Homework Three
Evaluation, List Processing, Using Defined Data Types

Comp210

Due: 98.Sep.22 (Wed.) in class

Will be accepted until Thurs. Noon, DH3102

  1. (3pts) During the evaluation of Scheme expressions, the Law of Function Application states that the expression (E0 E1 ... En) reduces to the expression (V0 V1 ... Vn), where Vi is the value of the expression Ei. It doesn't matter in which order these subexpressions are evaluated.¹

    When single-stepping with Donkey, you can see that it happens to evaluate the expressions Ei in left-to-right order: E1 to V1, then E2 to V2, ..., and finally En to Vn. Your task is to step through the evaluation of the following expressions using the same Law of Scheme, but when evaluating function-applications, evaluate sub-expressions in reverse (right-to-left) order. That is, first evaluate En to get Vn, then ..., then E1 to get V1, and finally E0 to get V0. This doesn't change the final value of the answer, of course. Your steps should resemble the sequence of expressions produced by Donkey during stepping.

    Note that if still evaluates its first expression first, and then only evaluates one of the two other expressions as needed. (It is a special form, since it doesn't follow the rule for ordinary function-application².)

    1. (+ (* (+ 2 4) (+ 3 -4)) (+ (+ 4 7) (- 6 7)))
    2. (if (> 3 4) (/ 4 0) (if #t (+ 8 9) (/ 22 2)))
    3. ;; fib: num -> num
      ;; Calculate the nth Fibonacci number.
      ;;
      (define fib
          (lambda (n)
              (if (< n 2)
                  1
                  (+ (fib (- n 1)) (fib (- n 2))))))
      (fib 3)
    Show all steps except for (1) evaluating a value (to itself), and (2) evaluating a primitive-placeholder (to the function it stands for). Here is a sample problem/solution.

  2. (3 pts) Write the program remove-duplicates, which accepts a list of symbols with possible duplicates and returns a list without duplicate entrees. For example, (remove-duplicates (cons 'a (cons 'b (cons 'c (cons 'a empty)))) = (cons 'a (cons 'b (cons 'c empty))). (The returned list can have the items in any order). As always, follow the program-design recipe from class, including the data definition of a list-of-symbols.
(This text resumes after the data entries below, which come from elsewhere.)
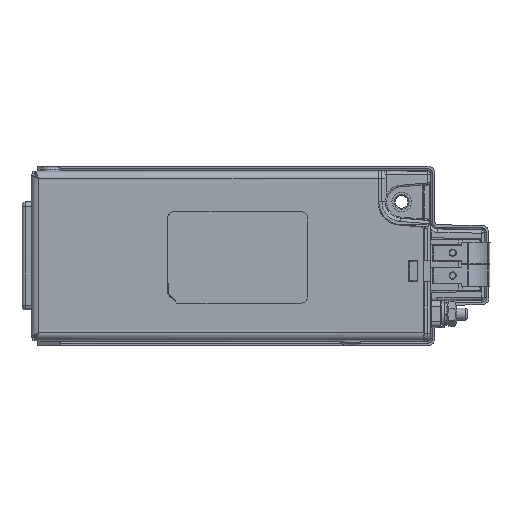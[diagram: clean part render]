
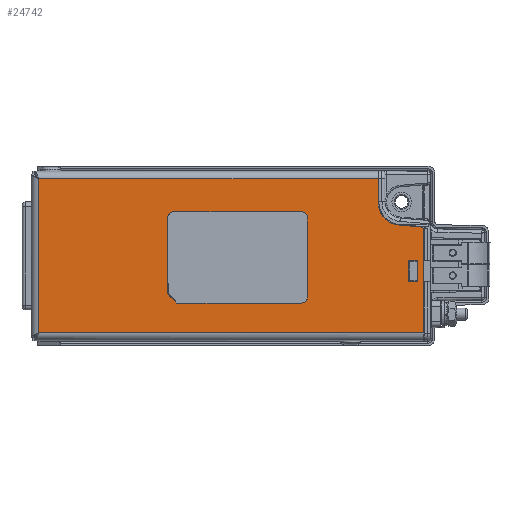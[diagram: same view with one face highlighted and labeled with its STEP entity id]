
A CAD part, top view. The second image highlights one B-rep face of the part: STEP entity #24742.
In plain terms, the highlighted planar face has unit normal (0, 0, 1).
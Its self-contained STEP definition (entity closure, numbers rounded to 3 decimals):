
#467=FACE_BOUND('',#3559,.T.);
#468=FACE_BOUND('',#3560,.T.);
#961=PLANE('',#26792);
#2165=FACE_OUTER_BOUND('',#3558,.T.);
#3558=EDGE_LOOP('',(#19917,#19918,#19919,#19920,#19921,#19922,#19923,#19924));
#3559=EDGE_LOOP('',(#19925,#19926,#19927,#19928));
#3560=EDGE_LOOP('',(#19929,#19930,#19931,#19932,#19933,#19934,#19935,#19936,
#19937,#19938));
#4533=CIRCLE('',#25624,7.5);
#4909=CIRCLE('',#26793,2.);
#4910=CIRCLE('',#26794,2.);
#4911=CIRCLE('',#26795,2.);
#5320=LINE('',#35169,#7500);
#5321=LINE('',#35220,#7501);
#5325=LINE('',#35258,#7505);
#5367=LINE('',#35345,#7547);
#5370=LINE('',#35350,#7550);
#5372=LINE('',#35354,#7552);
#5374=LINE('',#35357,#7554);
#5433=LINE('',#35474,#7613);
#5436=LINE('',#35479,#7616);
#5832=LINE('',#36624,#8012);
#5854=LINE('',#36710,#8034);
#5856=LINE('',#36717,#8036);
#5860=LINE('',#36737,#8040);
#6603=LINE('',#43694,#8783);
#6604=LINE('',#43698,#8784);
#6605=LINE('',#43702,#8785);
#6606=LINE('',#43706,#8786);
#6607=LINE('',#43707,#8787);
#7500=VECTOR('',#27895,10.);
#7501=VECTOR('',#27900,10.);
#7505=VECTOR('',#27910,10.);
#7547=VECTOR('',#27984,10.);
#7550=VECTOR('',#27989,10.);
#7552=VECTOR('',#27993,10.);
#7554=VECTOR('',#27997,10.);
#7613=VECTOR('',#28118,10.);
#7616=VECTOR('',#28123,10.);
#8012=VECTOR('',#29069,10.);
#8034=VECTOR('',#29119,10.);
#8036=VECTOR('',#29125,10.);
#8040=VECTOR('',#29135,10.);
#8783=VECTOR('',#32212,10.);
#8784=VECTOR('',#32215,10.);
#8785=VECTOR('',#32218,10.);
#8786=VECTOR('',#32221,10.);
#8787=VECTOR('',#32222,10.);
#9653=VERTEX_POINT('',#34885);
#9656=VERTEX_POINT('',#34933);
#9719=VERTEX_POINT('',#35168);
#9723=VERTEX_POINT('',#35256);
#9751=VERTEX_POINT('',#35343);
#9752=VERTEX_POINT('',#35344);
#9753=VERTEX_POINT('',#35349);
#9754=VERTEX_POINT('',#35353);
#9772=VERTEX_POINT('',#35447);
#9779=VERTEX_POINT('',#35467);
#9781=VERTEX_POINT('',#35473);
#10102=VERTEX_POINT('',#36622);
#10136=VERTEX_POINT('',#36708);
#10139=VERTEX_POINT('',#36715);
#10141=VERTEX_POINT('',#36731);
#11028=VERTEX_POINT('',#43693);
#11029=VERTEX_POINT('',#43695);
#11030=VERTEX_POINT('',#43697);
#11031=VERTEX_POINT('',#43699);
#11032=VERTEX_POINT('',#43701);
#11033=VERTEX_POINT('',#43703);
#11034=VERTEX_POINT('',#43705);
#11927=EDGE_CURVE('',#9719,#9653,#5320,.T.);
#11932=EDGE_CURVE('',#9653,#9656,#5321,.T.);
#11937=EDGE_CURVE('',#9656,#9723,#5325,.T.);
#11979=EDGE_CURVE('',#9751,#9752,#5367,.T.);
#11982=EDGE_CURVE('',#9753,#9751,#5370,.T.);
#11984=EDGE_CURVE('',#9754,#9753,#5372,.T.);
#11986=EDGE_CURVE('',#9752,#9754,#5374,.T.);
#12045=EDGE_CURVE('',#9781,#9779,#5433,.T.);
#12048=EDGE_CURVE('',#9772,#9781,#5436,.T.);
#12556=EDGE_CURVE('',#10102,#9723,#5832,.T.);
#12592=EDGE_CURVE('',#10136,#10102,#5854,.T.);
#12595=EDGE_CURVE('',#10136,#10139,#5856,.T.);
#12599=EDGE_CURVE('',#10139,#10141,#4533,.T.);
#12601=EDGE_CURVE('',#10141,#9719,#5860,.T.);
#14129=EDGE_CURVE('',#9779,#11028,#6603,.T.);
#14130=EDGE_CURVE('',#11028,#11029,#4909,.T.);
#14131=EDGE_CURVE('',#11029,#11030,#6604,.T.);
#14132=EDGE_CURVE('',#11030,#11031,#4910,.T.);
#14133=EDGE_CURVE('',#11031,#11032,#6605,.T.);
#14134=EDGE_CURVE('',#11032,#11033,#4911,.T.);
#14135=EDGE_CURVE('',#11033,#11034,#6606,.T.);
#14136=EDGE_CURVE('',#11034,#9772,#6607,.T.);
#19917=ORIENTED_EDGE('',*,*,#11932,.T.);
#19918=ORIENTED_EDGE('',*,*,#11937,.T.);
#19919=ORIENTED_EDGE('',*,*,#12556,.F.);
#19920=ORIENTED_EDGE('',*,*,#12592,.F.);
#19921=ORIENTED_EDGE('',*,*,#12595,.T.);
#19922=ORIENTED_EDGE('',*,*,#12599,.T.);
#19923=ORIENTED_EDGE('',*,*,#12601,.T.);
#19924=ORIENTED_EDGE('',*,*,#11927,.T.);
#19925=ORIENTED_EDGE('',*,*,#11979,.T.);
#19926=ORIENTED_EDGE('',*,*,#11986,.T.);
#19927=ORIENTED_EDGE('',*,*,#11984,.T.);
#19928=ORIENTED_EDGE('',*,*,#11982,.T.);
#19929=ORIENTED_EDGE('',*,*,#14129,.T.);
#19930=ORIENTED_EDGE('',*,*,#14130,.T.);
#19931=ORIENTED_EDGE('',*,*,#14131,.T.);
#19932=ORIENTED_EDGE('',*,*,#14132,.T.);
#19933=ORIENTED_EDGE('',*,*,#14133,.T.);
#19934=ORIENTED_EDGE('',*,*,#14134,.T.);
#19935=ORIENTED_EDGE('',*,*,#14135,.T.);
#19936=ORIENTED_EDGE('',*,*,#14136,.T.);
#19937=ORIENTED_EDGE('',*,*,#12048,.T.);
#19938=ORIENTED_EDGE('',*,*,#12045,.T.);
#24742=ADVANCED_FACE('',(#2165,#467,#468),#961,.T.);
#25624=AXIS2_PLACEMENT_3D('',#36733,#29130,#29131);
#26792=AXIS2_PLACEMENT_3D('',#43692,#32210,#32211);
#26793=AXIS2_PLACEMENT_3D('',#43696,#32213,#32214);
#26794=AXIS2_PLACEMENT_3D('',#43700,#32216,#32217);
#26795=AXIS2_PLACEMENT_3D('',#43704,#32219,#32220);
#27895=DIRECTION('',(-1.,0.,0.));
#27900=DIRECTION('',(0.,-1.,0.));
#27910=DIRECTION('',(1.,0.,0.));
#27984=DIRECTION('',(-1.,0.,0.));
#27989=DIRECTION('',(0.,-1.,0.));
#27993=DIRECTION('',(1.,0.,0.));
#27997=DIRECTION('',(0.,1.,0.));
#28118=DIRECTION('',(0.,1.,0.));
#28123=DIRECTION('',(-0.707,0.707,0.));
#29069=DIRECTION('',(0.,-1.,0.));
#29119=DIRECTION('',(0.676,-0.737,0.));
#29125=DIRECTION('',(-0.996,0.087,0.));
#29130=DIRECTION('center_axis',(0.,0.,
-1.));
#29131=DIRECTION('ref_axis',(-1.,0.,0.));
#29135=DIRECTION('',(0.,1.,0.));
#32210=DIRECTION('center_axis',(0.,0.,
1.));
#32211=DIRECTION('ref_axis',(0.,-1.,0.));
#32212=DIRECTION('',(0.,1.,0.));
#32213=DIRECTION('center_axis',(0.,0.,
-1.));
#32214=DIRECTION('ref_axis',(-0.707,0.707,0.));
#32215=DIRECTION('',(1.,0.,0.));
#32216=DIRECTION('center_axis',(0.,0.,
-1.));
#32217=DIRECTION('ref_axis',(0.707,0.707,0.));
#32218=DIRECTION('',(0.,-1.,0.));
#32219=DIRECTION('center_axis',(0.,0.,
-1.));
#32220=DIRECTION('ref_axis',(0.707,-0.707,0.));
#32221=DIRECTION('',(-1.,0.,0.));
#32222=DIRECTION('',(-0.707,0.707,0.));
#34885=CARTESIAN_POINT('',(-82.6,25.4,34.9));
#34933=CARTESIAN_POINT('',(-82.6,-25.4,34.9));
#35168=CARTESIAN_POINT('',(29.2,25.4,34.9));
#35169=CARTESIAN_POINT('',(11.875,25.4,34.9));
#35220=CARTESIAN_POINT('',(-82.6,-12.7,34.9));
#35256=CARTESIAN_POINT('',(44.2,-25.4,34.9));
#35258=CARTESIAN_POINT('',(-52.775,-25.4,34.9));
#35343=CARTESIAN_POINT('',(42.2,-8.5,34.9));
#35344=CARTESIAN_POINT('',(39.2,-8.5,34.9));
#35345=CARTESIAN_POINT('',(10.875,-8.5,34.9));
#35349=CARTESIAN_POINT('',(42.2,-1.5,34.9));
#35350=CARTESIAN_POINT('',(42.2,-0.75,34.9));
#35353=CARTESIAN_POINT('',(39.2,-1.5,34.9));
#35354=CARTESIAN_POINT('',(9.375,-1.5,34.9));
#35357=CARTESIAN_POINT('',(39.2,-4.25,34.9));
#35447=CARTESIAN_POINT('',(-37.625,-15.,34.9));
#35467=CARTESIAN_POINT('',(-40.1,-9.025,34.9));
#35473=CARTESIAN_POINT('',(-40.1,-12.525,34.9));
#35474=CARTESIAN_POINT('',(-40.1,-6.263,34.9));
#35479=CARTESIAN_POINT('',(-37.081,-15.544,34.9));
#36622=CARTESIAN_POINT('',(44.2,8.915,34.9));
#36624=CARTESIAN_POINT('',(44.2,27.9,34.9));
#36708=CARTESIAN_POINT('',(43.702,9.459,34.9));
#36710=CARTESIAN_POINT('',(31.542,22.729,34.9));
#36715=CARTESIAN_POINT('',(36.046,10.129,34.9));
#36717=CARTESIAN_POINT('',(12.529,12.186,34.9));
#36731=CARTESIAN_POINT('',(29.2,17.6,34.9));
#36733=CARTESIAN_POINT('Origin',(36.7,17.6,34.9));
#36737=CARTESIAN_POINT('',(29.2,8.8,34.9));
#43692=CARTESIAN_POINT('Origin',(-20.45,0.,
34.9));
#43693=CARTESIAN_POINT('',(-40.1,12.475,34.9));
#43694=CARTESIAN_POINT('',(-40.1,-7.763,34.9));
#43695=CARTESIAN_POINT('',(-38.1,14.475,34.9));
#43696=CARTESIAN_POINT('Origin',(-38.1,12.475,34.9));
#43697=CARTESIAN_POINT('',(3.9,14.475,34.9));
#43698=CARTESIAN_POINT('',(-30.275,14.475,34.9));
#43699=CARTESIAN_POINT('',(5.9,12.475,34.9));
#43700=CARTESIAN_POINT('Origin',(3.9,12.475,34.9));
#43701=CARTESIAN_POINT('',(5.9,-13.525,34.9));
#43702=CARTESIAN_POINT('',(5.9,7.237,34.9));
#43703=CARTESIAN_POINT('',(3.9,-15.525,34.9));
#43704=CARTESIAN_POINT('Origin',(3.9,-13.525,34.9));
#43705=CARTESIAN_POINT('',(-37.1,-15.525,34.9));
#43706=CARTESIAN_POINT('',(-7.275,-15.525,34.9));
#43707=CARTESIAN_POINT('',(-37.569,-15.056,34.9));

    Hint: First write a helper function

    ;; remove-symbol:  symbol, list-of-symbols --> list-of-symbols
    ;; (remove victim los) returns a list like los,
    ;;   but with all occurrences of victim removed.
    ;;
    

  3. (4 pts) Do the book's exercise 6.4.1 (called 5.4.1 in the printed version), that is write the functions posn+, vec*, move. In order to internalize the data definition for vectors, you will need to type in the preceding code for make-vec, vec-x, vec-y; the corresponding functions for posns are built-in, as mentioned in exercise 6.3.3. In writing the later functions, be sure to re-use the earlier functions, rather than write the same code in several different functions.

    Since the data definition for vect are already given in the book, and posn is built-in to DrScheme, you don't need to repeat them, or give their templates. You will provide samples of the data, and test cases as usual. You can additionally run some graphical simulations if you want, using the function tracer as indicated. From "Languages" menu, "Set Library to..." the library teach/pingp-lib.ss (whose name is missing from the book). The name pingp-lib.ss will appear next to the Check Syntax button, indicating the library is loaded.

    (We will not develop all entire ping-pong game discussed in the book, though you are welcome to do this! Or, just play around with the drawing functions mentioned in the book.)


¹ Recall that additionally, the Law of Function Application goes on to say that the next step is to apply V0 (which had better be a function taking n arguments) to the values V1, ..., Vn. If V0 is a lambda-value, as opposed to a primitive, this means further work. (back)

² Why bother making if a special form? At first this seems to be an unnecessary complication -- just evaluate its three arguments, and then pass those values off to the actual function. That is almost, but not quite, satisfactory; consider the following:

(define average
  (lambda (n sum)
    (if (not (zero? n))
        (/ sum n)
        1)))
Certainly, once this is written, I don't expect (average 0 0) to cause a divide-by-zero error! Yet if if weren't special, the Law would require evaluating all three arguments before actually invoking the function.

By the way, it is a good programming habit that, any time you write /, a little flag goes up in your mind, wondering whether it's necessary to guard against the denominator being zero.

As for this particular function average, should the average really be considered 1? This is certainly arguable. But 1 is the answer used in baseball: at the beginning of the season, everybody's batting-average is 1.000! (back)